Il y a un tout juste un an, ma femme a commencé à souffrir de maux de têtes. Sourds, persistants. Ils passaient avec la combinaison paracétamol + ibuprofène, mais revenaient sans cesse. Quand elle a consulté au bout d'une semaine, le médecin n'a rien trouvé.

L'image que vous renvoie le visage d'un médecin qui doute est effrayante. Ces médecins, qu'on trouve si sûrs d'eux, trop même, paternalistes parfois. Là non. Le médecin doutait. Alors le médecin a prescrit un scanner cérébral.

Il n'est pas facile d'obtenir rapidement un rendez-vous en Ile de France pour un scanner, surtout à ce stade, celui du diagnostic. Il y a toujours plus urgent qu'un diagnostic. A force d'appels dans les divers établissements, elle a réussi à obtenir un rendez-vous une semaine après. Une aubaine.

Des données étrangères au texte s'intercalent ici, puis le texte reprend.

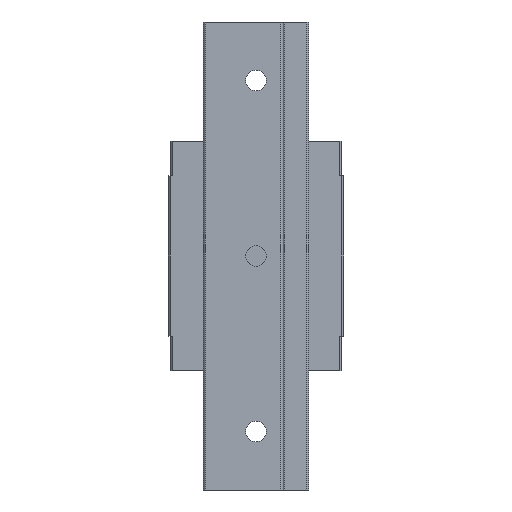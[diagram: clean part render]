
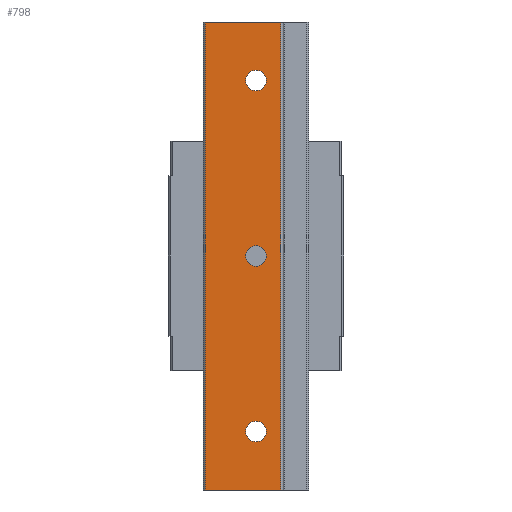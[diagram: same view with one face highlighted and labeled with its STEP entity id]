
A CAD part, front view. The second image highlights one B-rep face of the part: STEP entity #798.
In plain terms, the highlighted planar face has unit normal (0, -1, 0).
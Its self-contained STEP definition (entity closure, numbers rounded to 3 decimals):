
#53 = DIRECTION ( 'NONE',  ( 0., 0., 1. ) ) ;
#59 = VERTEX_POINT ( 'NONE', #3598 ) ;
#89 = DIRECTION ( 'NONE',  ( 0., -1., 0. ) ) ;
#119 = DIRECTION ( 'NONE',  ( 0., -1., 0. ) ) ;
#133 = ORIENTED_EDGE ( 'NONE', *, *, #1054, .F. ) ;
#166 = CIRCLE ( 'NONE', #2338, 1.75 ) ;
#244 = VECTOR ( 'NONE', #3470, 1000. ) ;
#325 = VERTEX_POINT ( 'NONE', #4054 ) ;
#342 = DIRECTION ( 'NONE',  ( 1., 0., 0. ) ) ;
#373 = LINE ( 'NONE', #3844, #244 ) ;
#374 = VERTEX_POINT ( 'NONE', #1986 ) ;
#391 = VERTEX_POINT ( 'NONE', #2128 ) ;
#422 = DIRECTION ( 'NONE',  ( -1., 0., 0. ) ) ;
#424 = EDGE_CURVE ( 'NONE', #818, #3696, #4067, .T. ) ;
#498 = CIRCLE ( 'NONE', #2449, 1.75 ) ;
#571 = PLANE ( 'NONE',  #1534 ) ;
#716 = CARTESIAN_POINT ( 'NONE',  ( 0., 0., 30. ) ) ;
#744 = VERTEX_POINT ( 'NONE', #3972 ) ;
#798 = ADVANCED_FACE ( 'NONE', ( #2284, #936, #884, #4355 ), #571, .F. ) ;
#818 = VERTEX_POINT ( 'NONE', #2790 ) ;
#836 = EDGE_CURVE ( 'NONE', #374, #391, #166, .T. ) ;
#842 = CARTESIAN_POINT ( 'NONE',  ( 0., 0., 30. ) ) ;
#884 = FACE_BOUND ( 'NONE', #2967, .T. ) ;
#910 = EDGE_LOOP ( 'NONE', ( #3300, #3179 ) ) ;
#922 = AXIS2_PLACEMENT_3D ( 'NONE', #842, #3581, #3950 ) ;
#936 = FACE_BOUND ( 'NONE', #910, .T. ) ;
#1010 = ORIENTED_EDGE ( 'NONE', *, *, #4492, .T. ) ;
#1054 = EDGE_CURVE ( 'NONE', #325, #59, #2459, .T. ) ;
#1124 = CIRCLE ( 'NONE', #3507, 1.75 ) ;
#1222 = DIRECTION ( 'NONE',  ( 0., 0., -1. ) ) ;
#1253 = CARTESIAN_POINT ( 'NONE',  ( 0., 0., -28.25 ) ) ;
#1376 = EDGE_CURVE ( 'NONE', #3696, #818, #4252, .T. ) ;
#1448 = DIRECTION ( 'NONE',  ( 0., 0., -1. ) ) ;
#1451 = DIRECTION ( 'NONE',  ( 0., 0., -1. ) ) ;
#1534 = AXIS2_PLACEMENT_3D ( 'NONE', #3739, #4419, #342 ) ;
#1566 = ORIENTED_EDGE ( 'NONE', *, *, #3365, .F. ) ;
#1679 = VECTOR ( 'NONE', #422, 1000. ) ;
#1732 = CARTESIAN_POINT ( 'NONE',  ( 4.2, 0., 40. ) ) ;
#1769 = LINE ( 'NONE', #2763, #4497 ) ;
#1782 = LINE ( 'NONE', #1732, #2475 ) ;
#1911 = CARTESIAN_POINT ( 'NONE',  ( 0., 0., -31.75 ) ) ;
#1948 = AXIS2_PLACEMENT_3D ( 'NONE', #2603, #119, #2556 ) ;
#1986 = CARTESIAN_POINT ( 'NONE',  ( 0., 0., 1.75 ) ) ;
#2069 = ORIENTED_EDGE ( 'NONE', *, *, #3830, .F. ) ;
#2095 = EDGE_CURVE ( 'NONE', #2285, #3670, #1124, .T. ) ;
#2128 = CARTESIAN_POINT ( 'NONE',  ( 0., 0., -1.75 ) ) ;
#2169 = ORIENTED_EDGE ( 'NONE', *, *, #2095, .F. ) ;
#2284 = FACE_BOUND ( 'NONE', #2313, .T. ) ;
#2285 = VERTEX_POINT ( 'NONE', #1253 ) ;
#2313 = EDGE_LOOP ( 'NONE', ( #1566, #2169 ) ) ;
#2338 = AXIS2_PLACEMENT_3D ( 'NONE', #3174, #2877, #3506 ) ;
#2359 = EDGE_LOOP ( 'NONE', ( #1010, #4487, #133, #2069 ) ) ;
#2449 = AXIS2_PLACEMENT_3D ( 'NONE', #2496, #3884, #1222 ) ;
#2459 = LINE ( 'NONE', #3139, #1679 ) ;
#2475 = VECTOR ( 'NONE', #1448, 1000. ) ;
#2496 = CARTESIAN_POINT ( 'NONE',  ( 0., 0., 0. ) ) ;
#2526 = CARTESIAN_POINT ( 'NONE',  ( 0., 0., -30. ) ) ;
#2556 = DIRECTION ( 'NONE',  ( 0., 0., -1. ) ) ;
#2603 = CARTESIAN_POINT ( 'NONE',  ( 0., 0., -30. ) ) ;
#2763 = CARTESIAN_POINT ( 'NONE',  ( -8.7, 0., 40. ) ) ;
#2767 = EDGE_CURVE ( 'NONE', #391, #374, #498, .T. ) ;
#2790 = CARTESIAN_POINT ( 'NONE',  ( 0., 0., 28.25 ) ) ;
#2877 = DIRECTION ( 'NONE',  ( 0., -1., 0. ) ) ;
#2967 = EDGE_LOOP ( 'NONE', ( #3951, #3924 ) ) ;
#3139 = CARTESIAN_POINT ( 'NONE',  ( 4.5, 0., -40. ) ) ;
#3158 = DIRECTION ( 'NONE',  ( 0., -1., 0. ) ) ;
#3174 = CARTESIAN_POINT ( 'NONE',  ( 0., 0., 0. ) ) ;
#3179 = ORIENTED_EDGE ( 'NONE', *, *, #836, .F. ) ;
#3300 = ORIENTED_EDGE ( 'NONE', *, *, #2767, .F. ) ;
#3365 = EDGE_CURVE ( 'NONE', #3670, #2285, #3405, .T. ) ;
#3405 = CIRCLE ( 'NONE', #1948, 1.75 ) ;
#3451 = EDGE_CURVE ( 'NONE', #59, #744, #1769, .T. ) ;
#3470 = DIRECTION ( 'NONE',  ( -1., 0., 0. ) ) ;
#3506 = DIRECTION ( 'NONE',  ( 0., 0., -1. ) ) ;
#3507 = AXIS2_PLACEMENT_3D ( 'NONE', #2526, #89, #1451 ) ;
#3581 = DIRECTION ( 'NONE',  ( 0., -1., 0. ) ) ;
#3598 = CARTESIAN_POINT ( 'NONE',  ( -8.7, 0., -40. ) ) ;
#3634 = VERTEX_POINT ( 'NONE', #3897 ) ;
#3670 = VERTEX_POINT ( 'NONE', #1911 ) ;
#3696 = VERTEX_POINT ( 'NONE', #3986 ) ;
#3739 = CARTESIAN_POINT ( 'NONE',  ( -9., 0., 40. ) ) ;
#3830 = EDGE_CURVE ( 'NONE', #3634, #325, #1782, .T. ) ;
#3844 = CARTESIAN_POINT ( 'NONE',  ( 4.5, 0., 40. ) ) ;
#3884 = DIRECTION ( 'NONE',  ( 0., -1., 0. ) ) ;
#3897 = CARTESIAN_POINT ( 'NONE',  ( 4.2, 0., 40. ) ) ;
#3924 = ORIENTED_EDGE ( 'NONE', *, *, #1376, .F. ) ;
#3950 = DIRECTION ( 'NONE',  ( 0., 0., -1. ) ) ;
#3951 = ORIENTED_EDGE ( 'NONE', *, *, #424, .F. ) ;
#3972 = CARTESIAN_POINT ( 'NONE',  ( -8.7, 0., 40. ) ) ;
#3986 = CARTESIAN_POINT ( 'NONE',  ( 0., 0., 31.75 ) ) ;
#4054 = CARTESIAN_POINT ( 'NONE',  ( 4.2, 0., -40. ) ) ;
#4067 = CIRCLE ( 'NONE', #4351, 1.75 ) ;
#4175 = DIRECTION ( 'NONE',  ( 0., 0., -1. ) ) ;
#4252 = CIRCLE ( 'NONE', #922, 1.75 ) ;
#4351 = AXIS2_PLACEMENT_3D ( 'NONE', #716, #3158, #4175 ) ;
#4355 = FACE_OUTER_BOUND ( 'NONE', #2359, .T. ) ;
#4419 = DIRECTION ( 'NONE',  ( 0., 1., 0. ) ) ;
#4487 = ORIENTED_EDGE ( 'NONE', *, *, #3451, .F. ) ;
#4492 = EDGE_CURVE ( 'NONE', #3634, #744, #373, .T. ) ;
#4497 = VECTOR ( 'NONE', #53, 1000. ) ;

Mais une semaine, c'est long. La plus longue semaine de notre vie je pense. L'imagination se met en route très facilement. Et si elle avait une tumeur, et si... Je pense à elle et les mois de traitement difficiles. Et je pense à moi dans un "après", le plus pessimiste, avec mon fils âgé de six mois à l'époque. Nous deux seuls, sans sa mère, sans ma femme. Je n'ai même pas trente ans, et j'élève déjà mon fils seul. Une semaine de nuits sans sommeil. Une semaine totalement improductive au travail, où je passe mon temps à faire des recherches sur internet, tout en sachant qu'internet est bien le dernier endroit où un patient devrait faire des recherches sur des sujets médicaux. Je trouve des articles, des messages dans des fora, un blog...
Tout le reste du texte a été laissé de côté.